I'd agree with this as well.

From a survey by IIB/ESRI they've revealed that 75% of people know what they are going to do with their SSIA and of those, 10% are planning on putting it into Irish property. I know that they've got a vested interest in spreading news such as this but the figures aren't that remarkable to be unbelievable.

http://www.finfacts.com/irelandbusinessnews/publish/article_10005489.shtml

Since there are 1.1 million people with SSIAs this would mean that 80,000 people would have a wad of cash burning a hole in their pocket next year and they are already thinking about buying property in Ireland with it. Whichever way you look at it something like that is not going to keep prices down in the short term.

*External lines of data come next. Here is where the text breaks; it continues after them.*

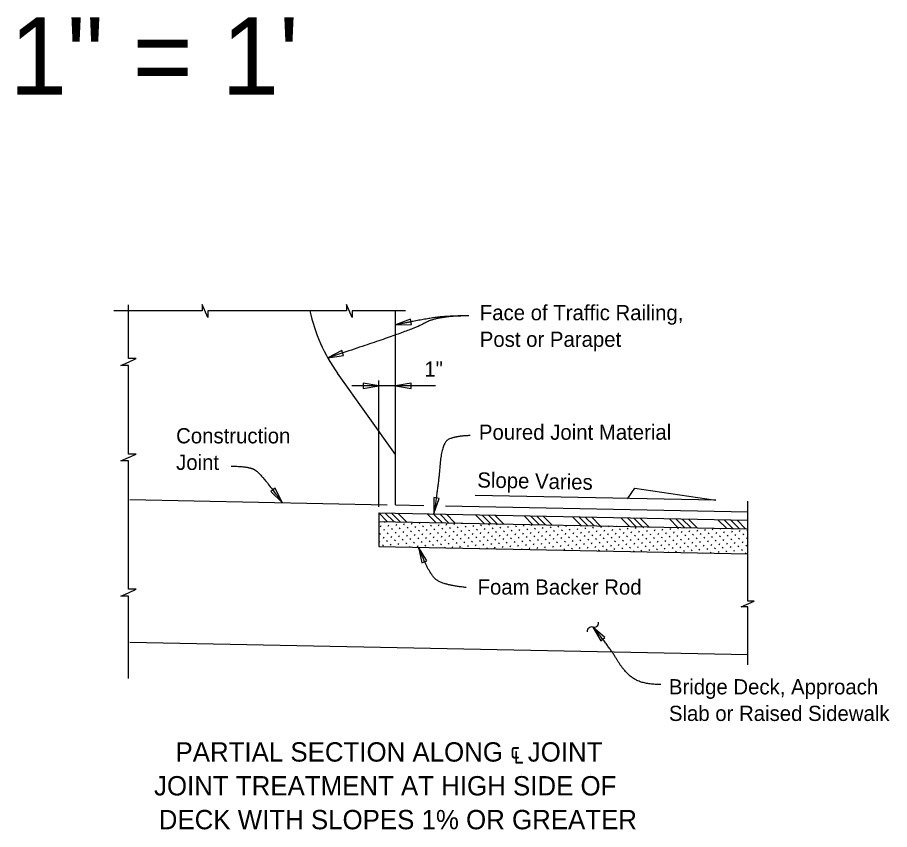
# Model space of a CAD drawing. Extents: x -7.9 to 27, y -3.1 to 14.6.
# Drawn here: x 0.456 to 4.788, y 7.022 to 11.054 of the extents above; entities that cross this region are included whole.
import ezdxf

# ---------------------------------------------------------------- set-up
doc = ezdxf.new("R2010")
doc.units = 0
for name, color, linetype in [('Border', 7, 'Continuous'), ('Patterning', 7, 'Continuous'), ('PlotBorder_dp', 7, 'Continuous'), ('SupstrConc_h', 7, 'Continuous'), ('TextMisc', 7, 'Continuous')]:
    doc.layers.add(name, color=color, linetype=linetype)

msp = doc.modelspace()

# ---------------------------------------------------------------- linework, layer by layer
at = {"layer": 'Patterning'}
for p, q in [((2.3344, 8.8839), (2.3344, 9.5979)), ((2.3344, 8.8839), (2.0461, 9.2875)), ((2.3343, 8.634), (2.3343, 8.884)), ((2.3344, 8.634), (2.4751, 8.6312)), ((2.5831, 8.6291), (4.0844, 8.599)), ((1.0139, 7.9521), (4.0844, 7.8907))]:
    msp.add_line(p, q, dxfattribs=at)
msp.add_arc((2.7242, 9.7718), 0.8333, 192.0469, 215.5377, dxfattribs=at)
at = {"layer": 'PlotBorder_dp'}
for p, q in [((2.251, 8.6235), (2.251, 9.2513)), ((2.5327, 9.2256), (2.1167, 9.2256))]:
    msp.add_line(p, q, dxfattribs=at)
for points in [[(1.5951, 9.5979), (1.4025, 9.5979), (1.4025, 9.5648), (1.3741, 9.6288), (1.3741, 9.5979), (0.9347, 9.5979)], [(1.0081, 8.9169), (1.0081, 9.3265), (0.9693, 9.3265), (1.0081, 9.3433), (1.0468, 9.3602), (1.0081, 9.3602), (1.0081, 9.6276)], [(2.3841, 9.5979), (2.1197, 9.5979), (2.1197, 9.5648), (2.0914, 9.6288), (2.0914, 9.5979), (1.5951, 9.5979)], [(1.0081, 8.5758), (1.0081, 8.8527), (0.9693, 8.8527), (1.0081, 8.8696), (1.0468, 8.8865), (1.0081, 8.8865), (1.0081, 9.1961)], [(3.4859, 8.6648), (3.5224, 8.7172), (3.9259, 8.6573), (2.7293, 8.6812)], [(4.0844, 7.8402), (4.0844, 8.1284), (4.0513, 8.1284), (4.1153, 8.1567), (4.0844, 8.1567), (4.0844, 8.6517)], [(1.0081, 7.7715), (1.0081, 8.1811), (0.9693, 8.1811), (1.0081, 8.1979), (1.0468, 8.2148), (1.0081, 8.2148), (1.0081, 8.5758)]]:
    msp.add_lwpolyline(points, dxfattribs=at)
for points in [[(2.3342, 9.5271), (2.4134, 9.5302), (2.408, 9.5561)], [(1.9981, 9.3646), (2.0765, 9.376), (2.0683, 9.4012)], [(2.2509, 9.2257), (2.1728, 9.2389), (2.1728, 9.2124)], [(2.3343, 9.2257), (2.4124, 9.2124), (2.4124, 9.2389)], [(1.771, 8.6453), (1.7361, 8.7163), (1.7146, 8.7009)], [(2.5246, 8.5915), (2.5505, 8.6663), (2.5244, 8.6707)], [(2.4485, 8.4233), (2.465, 8.3458), (2.4896, 8.3555)], [(3.3146, 8.0273), (3.3544, 7.9588), (3.3748, 7.9757)]]:
    msp.add_lwpolyline(points, close=True, dxfattribs=at)
for centre, start, end in [((3.3084, 8.0056), 74.5069, 186.2341), ((3.3203, 8.0487), 254.5069, 6.2341)]:
    msp.add_arc(centre, 0.0224, start, end, dxfattribs=at)
for points in [[(2.6988, 9.5724), (2.5401, 9.5724), (2.4192, 9.5006), (1.9981, 9.3646)], [(2.6988, 9.5724), (2.5817, 9.5724), (2.4513, 9.5516), (2.3343, 9.5271)], [(2.7043, 8.9781), (2.633, 8.9756), (2.564, 8.9436), (2.5468, 8.7245), (2.5247, 8.5915)], [(1.5187, 8.826), (1.6082, 8.826), (1.669, 8.7866), (1.771, 8.6452)], [(2.6849, 8.2239), (2.5593, 8.2362), (2.4953, 8.3051), (2.4486, 8.4233)], [(3.6527, 7.742), (3.5564, 7.742), (3.4676, 7.8081), (3.3996, 7.9252), (3.3146, 8.0273)]]:
    msp.add_open_spline(points, degree=2, dxfattribs=at)
at = {"layer": 'SupstrConc_h'}
msp.add_line((1.0141, 8.6604), (2.2927, 8.6348), dxfattribs=at)
at = {"layer": 'TextMisc'}
for p, q in [((2.251, 8.594), (2.251, 8.4273)), ((2.251, 8.594), (4.0844, 8.5573)), ((2.251, 8.594), (2.2935, 8.5514)), ((2.2828, 8.5934), (2.3254, 8.5508)), ((2.3147, 8.5927), (2.3572, 8.5502)), ((2.3465, 8.5921), (2.3891, 8.5495)), ((2.4916, 8.5892), (2.5341, 8.5466)), ((2.5234, 8.5885), (2.566, 8.546)), ((2.5553, 8.5879), (2.5978, 8.5453)), ((2.5871, 8.5873), (2.6297, 8.5447)), ((2.7322, 8.5844), (2.7747, 8.5418)), ((2.764, 8.5837), (2.8066, 8.5412)), ((2.7958, 8.5831), (2.8384, 8.5405)), ((2.8277, 8.5825), (2.8702, 8.5399)), ((2.9728, 8.5795), (3.0153, 8.537)), ((3.0046, 8.5789), (3.0472, 8.5364)), ((3.0364, 8.5783), (3.079, 8.5357)), ((3.0683, 8.5776), (3.1108, 8.5351)), ((2.251, 8.5523), (4.0844, 8.5156)), ((2.2804, 8.5467), (2.2833, 8.5516)), ((2.2981, 8.529), (2.3014, 8.5346)), ((2.3191, 8.5499), (2.3197, 8.5509)), ((2.3368, 8.5322), (2.3401, 8.5378)), ((2.3755, 8.5355), (2.3787, 8.5411)), ((2.4142, 8.5387), (2.4174, 8.5443)), ((2.4528, 8.542), (2.4561, 8.5476)), ((2.4915, 8.5452), (2.4928, 8.5474)), ((2.5479, 8.5307), (2.5511, 8.5363)), ((2.5865, 8.534), (2.5898, 8.5396)), ((2.6252, 8.5372), (2.6285, 8.5428)), ((2.6639, 8.5404), (2.6659, 8.544)), ((2.7589, 8.5292), (2.7622, 8.5348)), ((2.7976, 8.5325), (2.8009, 8.538)), ((2.8363, 8.5357), (2.8391, 8.5405)), ((2.875, 8.5389), (2.8754, 8.5398)), ((3.0087, 8.5309), (3.0119, 8.5365)), ((3.0473, 8.5342), (3.0486, 8.5363)), ((3.2134, 8.5747), (3.2559, 8.5322)), ((3.2452, 8.5741), (3.2878, 8.5315)), ((3.277, 8.5735), (3.3196, 8.5309)), ((3.3089, 8.5728), (3.3514, 8.5303)), ((3.4539, 8.5699), (3.4965, 8.5274)), ((3.4858, 8.5693), (3.5283, 8.5267)), ((3.5176, 8.5686), (3.5602, 8.5261)), ((3.5495, 8.568), (3.592, 8.5254)), ((3.6945, 8.5651), (3.7371, 8.5225)), ((3.7264, 8.5645), (3.7689, 8.5219)), ((3.7582, 8.5638), (3.8008, 8.5213)), ((3.79, 8.5632), (3.8326, 8.5206)), ((3.9351, 8.5603), (3.9777, 8.5177)), ((3.967, 8.5596), (4.0095, 8.5171)), ((3.9988, 8.559), (4.0414, 8.5165)), ((4.0306, 8.5584), (4.0732, 8.5158)), ((2.2562, 8.4871), (2.2595, 8.4927)), ((2.2595, 8.5257), (2.2627, 8.5313)), ((2.2772, 8.508), (2.2804, 8.5136)), ((2.2949, 8.4903), (2.2981, 8.4959)), ((2.3159, 8.5113), (2.3191, 8.5169)), ((2.3336, 8.4936), (2.3368, 8.4992)), ((2.3545, 8.5145), (2.3578, 8.5201)), ((2.3722, 8.4968), (2.3755, 8.5024)), ((2.3932, 8.5178), (2.3964, 8.5234)), ((2.4109, 8.5), (2.4142, 8.5056)), ((2.4319, 8.521), (2.4351, 8.5266)), ((2.4496, 8.5033), (2.4528, 8.5089)), ((2.4673, 8.4856), (2.4705, 8.4912)), ((2.4705, 8.5242), (2.4738, 8.5298)), ((2.4883, 8.5065), (2.4915, 8.5121)), ((2.506, 8.4888), (2.5092, 8.4944)), ((2.5092, 8.5275), (2.5124, 8.5331)), ((2.5269, 8.5098), (2.5302, 8.5154)), ((2.5446, 8.4921), (2.5479, 8.4976)), ((2.5656, 8.513), (2.5688, 8.5186)), ((2.5833, 8.4953), (2.5865, 8.5009)), ((2.6043, 8.5162), (2.6075, 8.5218)), ((2.622, 8.4985), (2.6252, 8.5041)), ((2.6429, 8.5195), (2.6462, 8.5251)), ((2.6606, 8.5018), (2.6639, 8.5074)), ((2.6816, 8.5227), (2.6848, 8.5283)), ((2.6993, 8.505), (2.7026, 8.5106)), ((2.717, 8.4873), (2.7203, 8.4929)), ((2.7203, 8.526), (2.7235, 8.5316)), ((2.738, 8.5083), (2.7412, 8.5139)), ((2.7557, 8.4905), (2.7589, 8.4961)), ((2.7767, 8.5115), (2.7799, 8.5171)), ((2.7944, 8.4938), (2.7976, 8.4994)), ((2.8153, 8.5147), (2.8186, 8.5203)), ((2.833, 8.497), (2.8363, 8.5026)), ((2.854, 8.518), (2.8572, 8.5236)), ((2.8717, 8.5003), (2.875, 8.5059)), ((2.8927, 8.5212), (2.8959, 8.5268)), ((2.9104, 8.5035), (2.9136, 8.5091)), ((2.9281, 8.4858), (2.9313, 8.4914)), ((2.9313, 8.5245), (2.9346, 8.5301)), ((2.9491, 8.5067), (2.9523, 8.5123)), ((2.9668, 8.489), (2.97, 8.4946)), ((2.97, 8.5277), (2.9732, 8.5333)), ((2.9877, 8.51), (2.991, 8.5156)), ((3.0054, 8.4923), (3.0087, 8.4979)), ((3.0264, 8.5132), (3.0296, 8.5188)), ((3.0441, 8.4955), (3.0473, 8.5011)), ((3.0651, 8.5165), (3.0683, 8.5221)), ((3.0828, 8.4988), (3.086, 8.5044)), ((3.1037, 8.5197), (3.107, 8.5253)), ((3.1214, 8.502), (3.1247, 8.5076)), ((3.1424, 8.5229), (3.1456, 8.5285)), ((3.1601, 8.5052), (3.1634, 8.5108)), ((3.1778, 8.4875), (3.1811, 8.4931)), ((3.1811, 8.5262), (3.1843, 8.5318)), ((3.1988, 8.5085), (3.202, 8.5141)), ((3.2165, 8.4908), (3.2197, 8.4964)), ((3.2197, 8.5294), (3.2217, 8.5329)), ((3.2375, 8.5117), (3.2407, 8.5173)), ((3.2552, 8.494), (3.2584, 8.4996)), ((3.2761, 8.515), (3.2794, 8.5206)), ((3.2938, 8.4972), (3.2971, 8.5028)), ((3.3148, 8.5182), (3.318, 8.5238)), ((3.3325, 8.5005), (3.3358, 8.5061)), ((3.3535, 8.5214), (3.3567, 8.527)), ((3.3712, 8.5037), (3.3744, 8.5093)), ((3.3889, 8.486), (3.3921, 8.4916)), ((3.3921, 8.5247), (3.3949, 8.5294)), ((3.4098, 8.507), (3.4131, 8.5126)), ((3.4276, 8.4893), (3.4308, 8.4948)), ((3.4308, 8.5279), (3.4312, 8.5287)), ((3.4485, 8.5102), (3.4518, 8.5158)), ((3.4662, 8.4925), (3.4695, 8.4981)), ((3.4872, 8.5134), (3.4904, 8.519)), ((3.5049, 8.4957), (3.5081, 8.5013)), ((3.5259, 8.5167), (3.5291, 8.5223)), ((3.5436, 8.499), (3.5468, 8.5046)), ((3.5645, 8.5199), (3.5678, 8.5255)), ((3.5822, 8.5022), (3.5855, 8.5078)), ((3.6032, 8.5232), (3.6044, 8.5252)), ((3.6209, 8.5055), (3.6242, 8.5111)), ((3.6386, 8.4877), (3.6419, 8.4933)), ((3.6596, 8.5087), (3.6628, 8.5143)), ((3.6773, 8.491), (3.6805, 8.4966)), ((3.6983, 8.5119), (3.7015, 8.5175)), ((3.716, 8.4942), (3.7192, 8.4998)), ((3.7369, 8.5152), (3.7402, 8.5208)), ((3.7546, 8.4975), (3.7579, 8.5031)), ((3.7756, 8.5184), (3.7775, 8.5217)), ((3.7933, 8.5007), (3.7965, 8.5063)), ((3.832, 8.5039), (3.8352, 8.5095)), ((3.8497, 8.4862), (3.8529, 8.4918)), ((3.8706, 8.5072), (3.8739, 8.5128)), ((3.8884, 8.4895), (3.8916, 8.4951)), ((3.9093, 8.5104), (3.9126, 8.516)), ((3.927, 8.4927), (3.9303, 8.4983)), ((3.948, 8.5137), (3.9506, 8.5183)), ((3.9657, 8.496), (3.9689, 8.5016)), ((3.9867, 8.5169), (3.987, 8.5175)), ((4.0044, 8.4992), (4.0076, 8.5048)), ((4.043, 8.5024), (4.0463, 8.508)), ((4.0817, 8.5057), (4.0844, 8.5104)), ((2.253, 8.4484), (2.2562, 8.454)), ((2.2739, 8.4694), (2.2772, 8.475)), ((2.2917, 8.4516), (2.2949, 8.4572)), ((2.3126, 8.4726), (2.3159, 8.4782)), ((2.3303, 8.4549), (2.3336, 8.4605)), ((2.3513, 8.4758), (2.3545, 8.4814)), ((2.369, 8.4581), (2.3722, 8.4637)), ((2.39, 8.4791), (2.3932, 8.4847)), ((2.4077, 8.4614), (2.4109, 8.467)), ((2.4254, 8.4437), (2.4286, 8.4493)), ((2.4286, 8.4823), (2.4319, 8.4879)), ((2.4463, 8.4646), (2.4496, 8.4702)), ((2.4641, 8.4469), (2.4673, 8.4525)), ((2.485, 8.4679), (2.4883, 8.4735)), ((2.5027, 8.4501), (2.506, 8.4557)), ((2.5237, 8.4711), (2.5269, 8.4767)), ((2.5414, 8.4534), (2.5446, 8.459)), ((2.5624, 8.4743), (2.5656, 8.4799)), ((2.5801, 8.4566), (2.5833, 8.4622)), ((2.601, 8.4776), (2.6043, 8.4832)), ((2.6187, 8.4599), (2.622, 8.4655)), ((2.6365, 8.4421), (2.6397, 8.4477)), ((2.6397, 8.4808), (2.6429, 8.4864)), ((2.6574, 8.4631), (2.6606, 8.4687)), ((2.6751, 8.4454), (2.6784, 8.451)), ((2.6784, 8.4841), (2.6816, 8.4897)), ((2.6961, 8.4663), (2.6993, 8.4719)), ((2.7138, 8.4486), (2.717, 8.4542)), ((2.7347, 8.4696), (2.738, 8.4752)), ((2.7525, 8.4519), (2.7557, 8.4575)), ((2.7734, 8.4728), (2.7767, 8.4784)), ((2.7911, 8.4551), (2.7944, 8.4607)), ((2.8121, 8.4761), (2.8153, 8.4817)), ((2.8298, 8.4584), (2.833, 8.464)), ((2.8508, 8.4793), (2.854, 8.4849)), ((2.8685, 8.4616), (2.8717, 8.4672)), ((2.8862, 8.4439), (2.8894, 8.4495)), ((2.8894, 8.4825), (2.8927, 8.4881)), ((2.9071, 8.4648), (2.9104, 8.4704)), ((2.9249, 8.4471), (2.9281, 8.4527)), ((2.9458, 8.4681), (2.9491, 8.4737)), ((2.9635, 8.4504), (2.9668, 8.456)), ((2.9845, 8.4713), (2.9877, 8.4769)), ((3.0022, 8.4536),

As gearoidmm said it's probably too late now for a lot of the things that could have been done to prevent the current situation. The only option for the banks to ease their way through this without causing large shocks is to change what they're doing internally without too much publicity.

By their nature people buying BTL are a risk to the market since they can turn on a sixpence if their losses mount up and could flood the market with houses. If the banks tightened up lending for that element but still kept the money flowing for owner-occupiers it might be possible to reach the "soft landing" that the banks have been alluding to.

Whether this can actually happen or not is obviously just pure speculation though. Any number of outside factors such as interest rates, property markets bombing in other countries etc. all have there part to play in this complex game.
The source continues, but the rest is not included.